К собственным историческим воспоминаниям прибавились воспоминания всех единоплеменных народов. Сочувствие к западному панславизму приняли наши славянофилы за тождество дела и направления, забывая, что там исключительный национализм был с тем вместе воплем притесненного чужестранным игом народа. Западный панславизм, при появлении своем, был принят самим австрийским правительством за шаг консервативный Он развился в печальную эпоху Венского конгресса. Это было, вообще, время всяческих воскрешений и восстановлений, время всевозможных Лазарей, свежих и смердящих. Рядом с Тейч-тумом[78], шедшим на воскресение счастливых времен Барбароссы и Гогенштауфенов, явился чешский панславизм.
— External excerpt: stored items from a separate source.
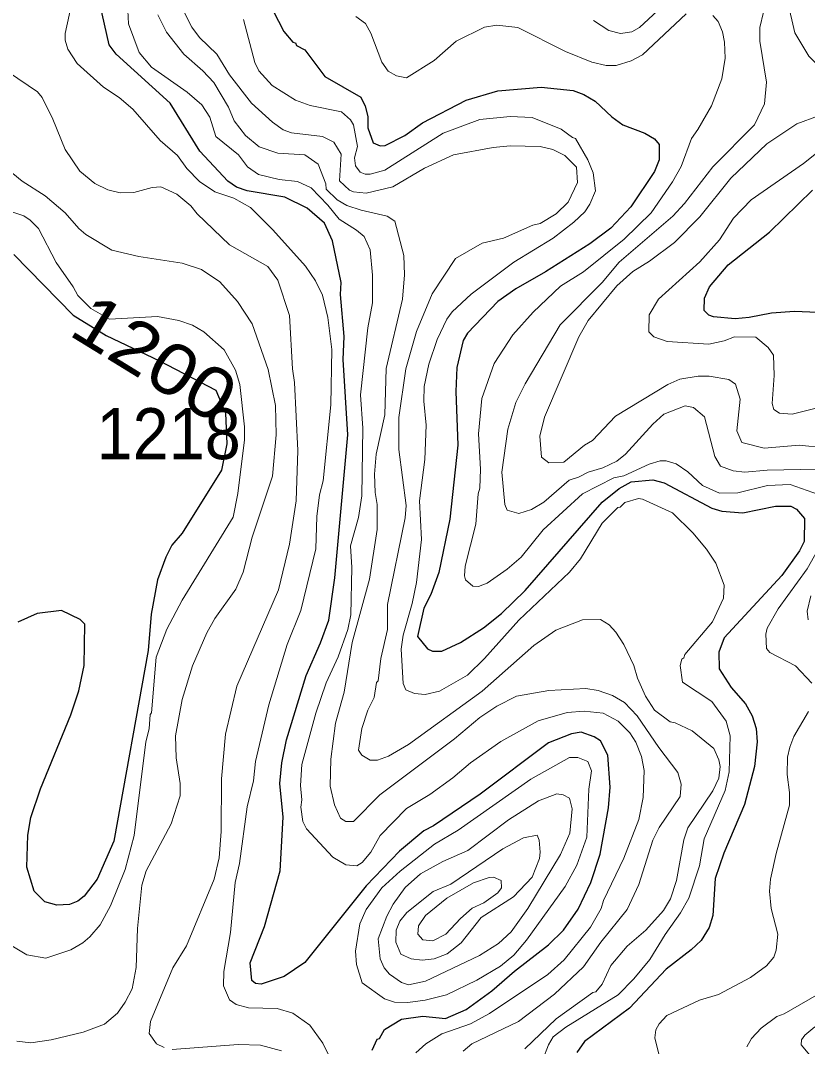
# Model space of a CAD drawing. Extents: x 598.3 to 623.2, y 6902.2 to 6930.1.
# Drawn here: x 604.675 to 605.909, y 6924.282 to 6925.891 of the extents above; entities that cross this region are included whole.
import ezdxf
from ezdxf.enums import TextEntityAlignment as Align

# ---------------------------------------------------------------- set-up
doc = ezdxf.new("R2010")
doc.units = 0
doc.header["$LTSCALE"] = 0.032
doc.layers.add('1', color=7, linetype='Continuous', lineweight=25)
doc.layers.add('2', color=7, linetype='Continuous', lineweight=13)
doc.layers.add('21', color=7, linetype='Continuous')
doc.layers.add('61', color=7, linetype='Continuous')

msp = doc.modelspace()

# ---------------------------------------------------------------- linework, layer by layer
at = {"layer": '1'}
for points in [[(605.2263, 6924.2765), (605.2341, 6924.2938), (605.2377, 6924.2947), (605.2459, 6924.3091), (605.2723, 6924.3253), (605.3059, 6924.33), (605.3412, 6924.326), (605.3738, 6924.3402), (605.4138, 6924.3695), (605.4494, 6924.4003), (605.5031, 6924.4417), (605.5263, 6924.4649), (605.5496, 6924.4977), (605.5692, 6924.5397), (605.5837, 6924.5838), (605.597, 6924.6565), (605.5994, 6924.689), (605.596, 6924.7391), (605.5843, 6924.7618), (605.5746, 6924.7678), (605.5543, 6924.7751), (605.539, 6924.7728), (605.5028, 6924.7585), (605.396, 6924.6779), (605.3225, 6924.6286), (605.3075, 6924.6208), (605.2694, 6924.5886), (605.2172, 6924.5345), (605.1208, 6924.414), (605.0884, 6924.3922), (605.0521, 6924.3802), (605.0436, 6924.381), (605.0378, 6924.3858), (605.0353, 6924.4133), (605.0573, 6924.4707), (605.0822, 6924.5577), (605.087, 6924.6419), (605.0814, 6924.6947), (605.0845, 6924.7274), (605.0919, 6924.7633), (605.1229, 6924.8641), (605.1456, 6924.9156), (605.1583, 6924.9511), (605.168, 6925.0175), (605.1882, 6925.2419), (605.181, 6925.3597), (605.1825, 6925.3957), (605.1769, 6925.4617), (605.1776, 6925.4806), (605.1641, 6925.546), (605.1515, 6925.5737), (605.1247, 6925.597), (605.0897, 6925.6145), (605.0306, 6925.6243), (605.0136, 6925.6303), (604.9999, 6925.6394), (604.9563, 6925.6865), (604.9097, 6925.762), (604.8249, 6925.8386), (604.8138, 6925.8536), (604.7908, 6925.9559)], [(605.0713, 6925.9065), (605.0878, 6925.8743), (605.1018, 6925.8575), (605.1063, 6925.8565), (605.1076, 6925.8525), (605.1208, 6925.8453), (605.1523, 6925.8037), (605.2085, 6925.7711), (605.2153, 6925.7574), (605.2197, 6925.7409), (605.2198, 6925.7231), (605.228, 6925.6997), (605.2391, 6925.6949), (605.2468, 6925.6954), (605.2775, 6925.7111), (605.3054, 6925.7311)], [(605.3054, 6925.7311), (605.3739, 6925.7664), (605.4237, 6925.7814), (605.4914, 6925.787), (605.5416, 6925.7815), (605.5581, 6925.7757), (605.5759, 6925.7652), (605.6024, 6925.7403), (605.6194, 6925.7281), (605.6539, 6925.7149), (605.669, 6925.7061), (605.6763, 6925.697), (605.6763, 6925.6732), (605.6689, 6925.6549), (605.632, 6925.5995), (605.6007, 6925.5658), (605.5676, 6925.541), (605.498, 6925.4971), (605.4518, 6925.4709), (605.4235, 6925.451), (605.3761, 6925.401), (605.3689, 6925.3896), (605.359, 6925.3472), (605.3574, 6925.3098), (605.3606, 6925.2255), (605.3484, 6925.1095), (605.3312, 6925.0258), (605.3185, 6924.9913), (605.3076, 6924.9699), (605.2976, 6924.9255), (605.3133, 6924.9061), (605.321, 6924.9024), (605.3355, 6924.9024), (605.3649, 6924.9162), (605.4008, 6924.9388), (605.4294, 6924.9613), (605.4663, 6924.9974), (605.587, 6925.136), (605.6138, 6925.1575), (605.6325, 6925.1679), (605.6666, 6925.171), (605.6841, 6925.1662), (605.7589, 6925.1266), (605.7748, 6925.1217), (605.8077, 6925.1193), (605.8589, 6925.1297), (605.883, 6925.1296), (605.8916, 6925.1249), (605.9044, 6925.1103), (605.9038, 6925.0743), (605.8967, 6925.0596), (605.8688, 6925.0211), (605.7785, 6924.9234), (605.7703, 6924.9007), (605.7704, 6924.8745), (605.7895, 6924.8452), (605.8121, 6924.82), (605.8225, 6924.801), (605.8285, 6924.7809), (605.8301, 6924.76), (605.8262, 6924.7217), (605.8105, 6924.662), (605.7778, 6924.5857), (605.7645, 6924.5458), (605.7605, 6924.4878), (605.7549, 6924.4687), (605.7425, 6924.4488), (605.7267, 6924.4337), (605.6875, 6924.4035), (605.6299, 6924.3426), (605.5595, 6924.29), (605.5471, 6924.2728)], [(605.9249, 6925.4334), (605.8887, 6925.4349), (605.8526, 6925.4327), (605.8178, 6925.4256), (605.7955, 6925.4236), (605.7619, 6925.4269), (605.7544, 6925.4296), (605.7468, 6925.4369), (605.7476, 6925.456), (605.7555, 6925.4736), (605.7845, 6925.5084), (605.8493, 6925.5595), (605.917, 6925.6256)], [(604.6646, 6925.5245), (604.7573, 6925.4295), (604.8095, 6925.3977), (604.8927, 6925.3577), (604.9813, 6925.3116), (604.9964, 6925.2757), (604.9985, 6925.2277), (604.9901, 6925.186), (604.9283, 6925.0874), (604.9122, 6925.0685), (604.9026, 6925.0499), (604.8896, 6925.0143), (604.8797, 6924.9603), (604.8749, 6924.9036), (604.8214, 6924.6045), (604.795, 6924.5448), (604.7747, 6924.5179), (604.7646, 6924.5103), (604.7519, 6924.5049), (604.7321, 6924.5041), (604.7131, 6924.509), (604.6962, 6924.5261), (604.6847, 6924.5636), (604.6864, 6924.6138), (604.6911, 6924.6416), (604.7063, 6924.6865), (604.7538, 6924.8026), (604.7662, 6924.8401), (604.7746, 6924.8799), (604.7759, 6924.9445), (604.7685, 6924.952), (604.7394, 6924.9662), (604.7008, 6924.9614), (604.6707, 6924.9481)]]:
    msp.add_lwpolyline(points, dxfattribs=at)
at = {"layer": '2'}
for points in [[(605.1493, 6925.1695), (605.1615, 6925.2886), (605.1631, 6925.3756), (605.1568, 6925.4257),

Правительства были рады этому направлению и сначала поощряли развитие международных ненавистен; массы снова лепились около племенного родства, узел которого затягивался туже, и снова отдалялись от общих требований улучшения своего быта; границы становились непроходимее, связь и сочувствие между народами обрывались. Само собой разумеется, что одним апатическим или слабым народностям позволяли просыпаться и именно до тех пор, пока деятельность их ограничивалась учено-археографическими занятиями и этимологическими спорами. В Милане, в Польше, где национальность никак неограничилась бы грамматикой, ее держали в ежовых рукавицах.